> [Work to complete] Determine the count of lines containing "WASHER" in the entries below and return only that figure.

Stored items:
>>>
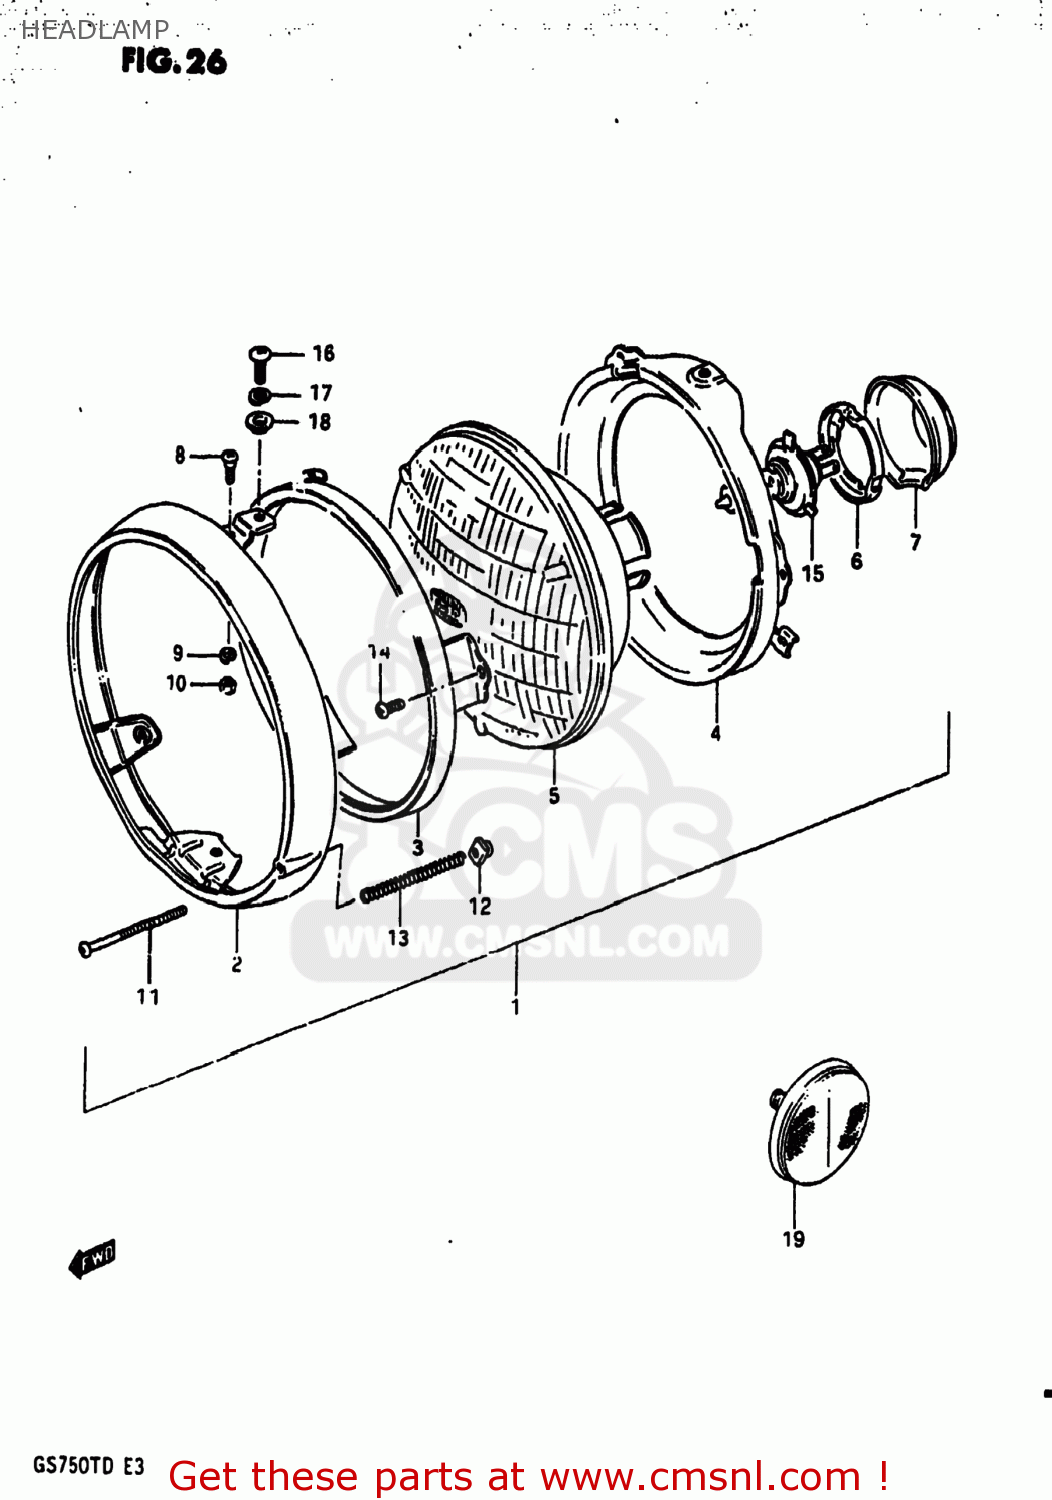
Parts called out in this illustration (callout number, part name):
1	HEADLAMP ASSEMBLY
2	RIM
3	RETAINING RING
4	RING
5	LAMP UNIT
6	SETTING,BULB
7	COVER,HEADLAMP SOCKET
8	H/LAMP LENS UNIT FITING SCRE
9	LOCK WASHER
10	NUT
11	SCREW,HEADLAMP ADJUST
12	NUT
13	SPRING,ADJUSTING
14	SCREW
15	BULB(12V60/55W,H4)
16	SCREW
17	WASHER,LOCK
18	WASHER
19	REFLEX REFLECTOR,RR
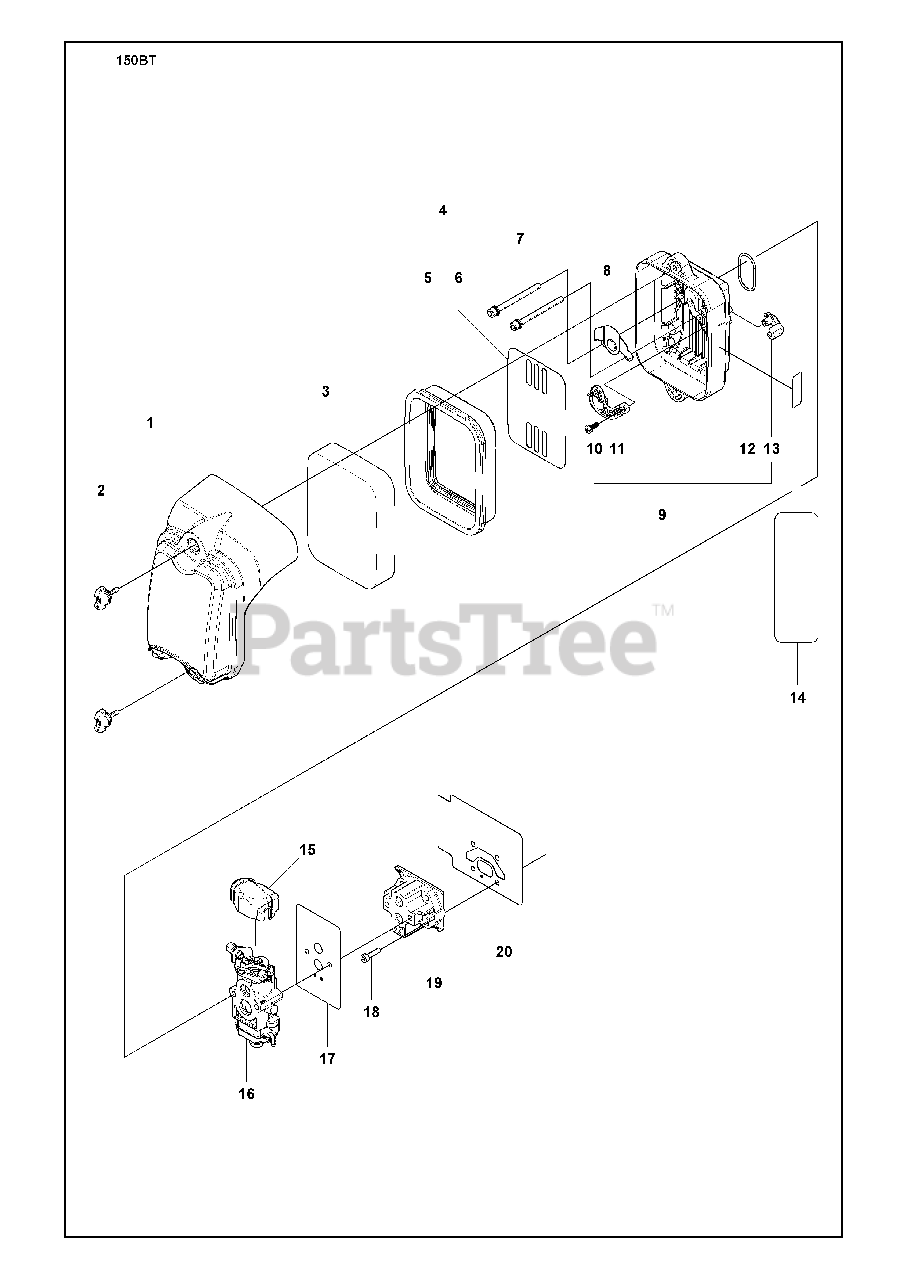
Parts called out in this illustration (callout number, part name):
3	AIR FILTER
9	CARBURETOR BODY
14	RP_LABEL, HOTMARK
15	COVER
16	CARBURETOR
18	BOLT
19	INSULATION
20	RP INSULATOR GASKET
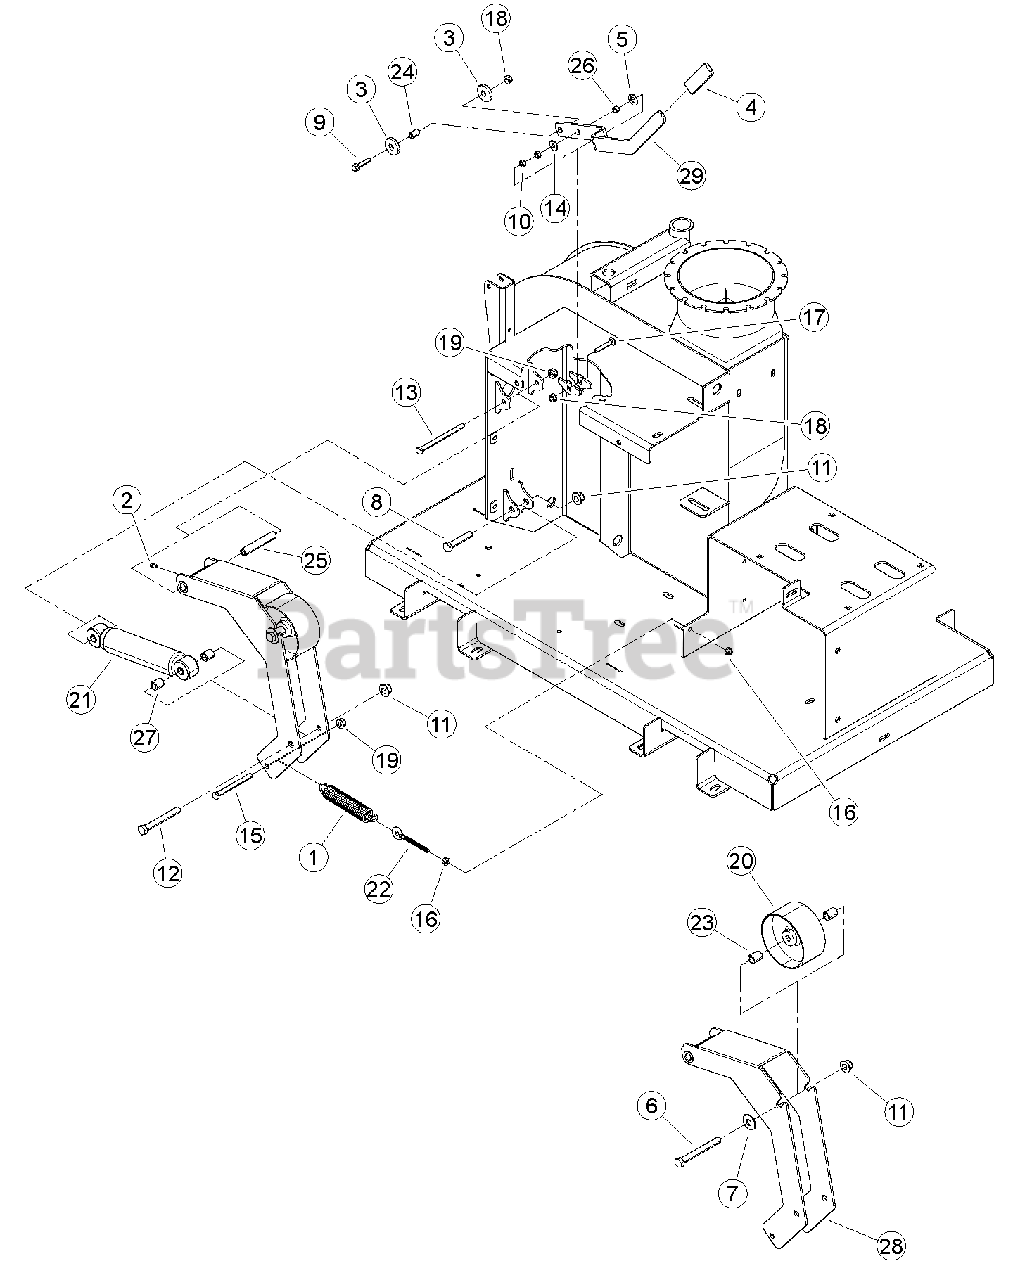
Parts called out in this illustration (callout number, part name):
1	SPRING, 9 GAUGE WIRE TENSION
2	FITTING, 1/4 SELF-TAP GREASE
3	WASHER, UHMW SPACER .515ID-1.50OD
4	GRIP, CLUTCH HANDLE
5	WASHER, 1/2 INCH NYLON
6	BOLT, 1/2 X 4-1/2" GR5 HHCS NC ZP
7	WASHER, 1/2" FLAT ZP
8	BOLT, 1/2 X 2-1/2 GR5 HEX CAP ZP
9	BOLT, 5/16 X 1-1/2 FLANGE NC
10	NUT, 5/16 HEX NC - ZP
11	NUT, 1/2-13 NYLOCK FLANGE
12	BOLT, 1/2 X 4 HEX CPS G5 ZP
13	BOLT, 3/8 X 5" GR5 HEX CPS ZP
14	WASHER, 5/16" FLAT ZP
15	BOLT, 3/8 X 4" HHCS GR5 NC ZP
16	NUT, 5/16 SERRATED FLANGE NC ZP
17	BOLT, 5/16 X 2" GR5 CRG NC ZP
18	NUT, 5/16-18 NYLOCK-FLANGE
19	NUT, 3/8-16 NYLOCK FLANGE
20	PULLEY, IDLER 5 X 2.50"
21	ABSORBER, IDLER SHOCK
22	BOLT, 5/16 X 3-5/8" EYE
23	SPACER, .75 X .90
24	SPACER, .50 X .775
25	TUBE, PIVOT
26	SPACER, 1/2 OD X 14 GA WALL X .320
27	SPACER, IDLER SHEAVE
28	WELDMENT, IDLER ARM
29	HANDLE, ENGAGEMENT
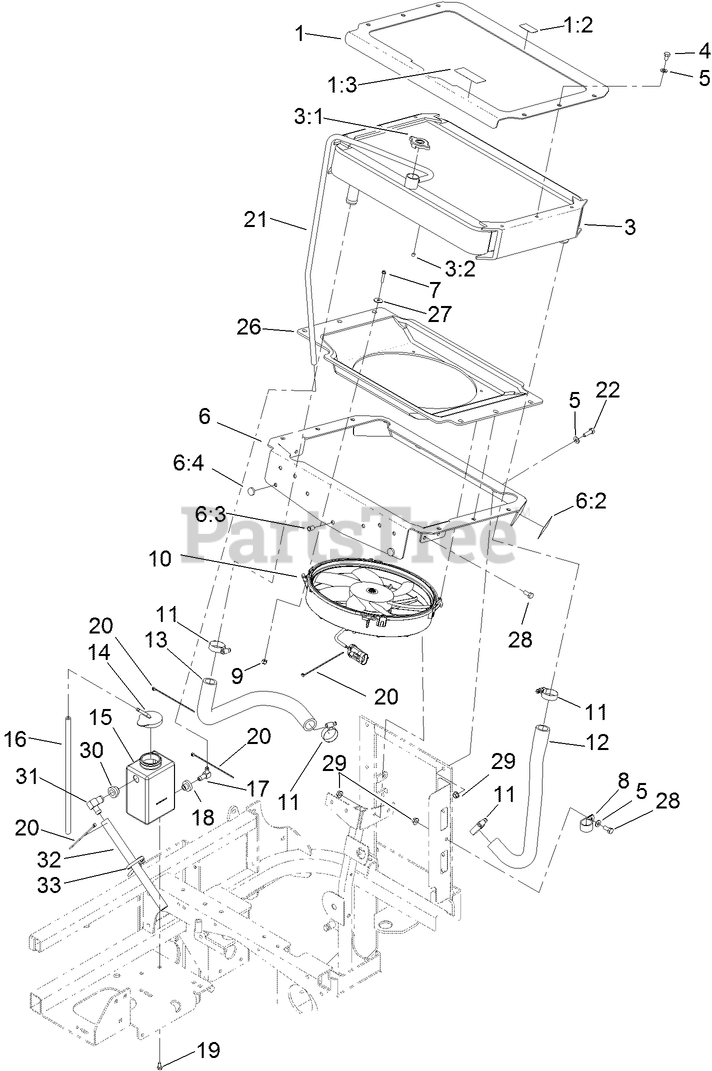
<<<
> [Exercise solution] 7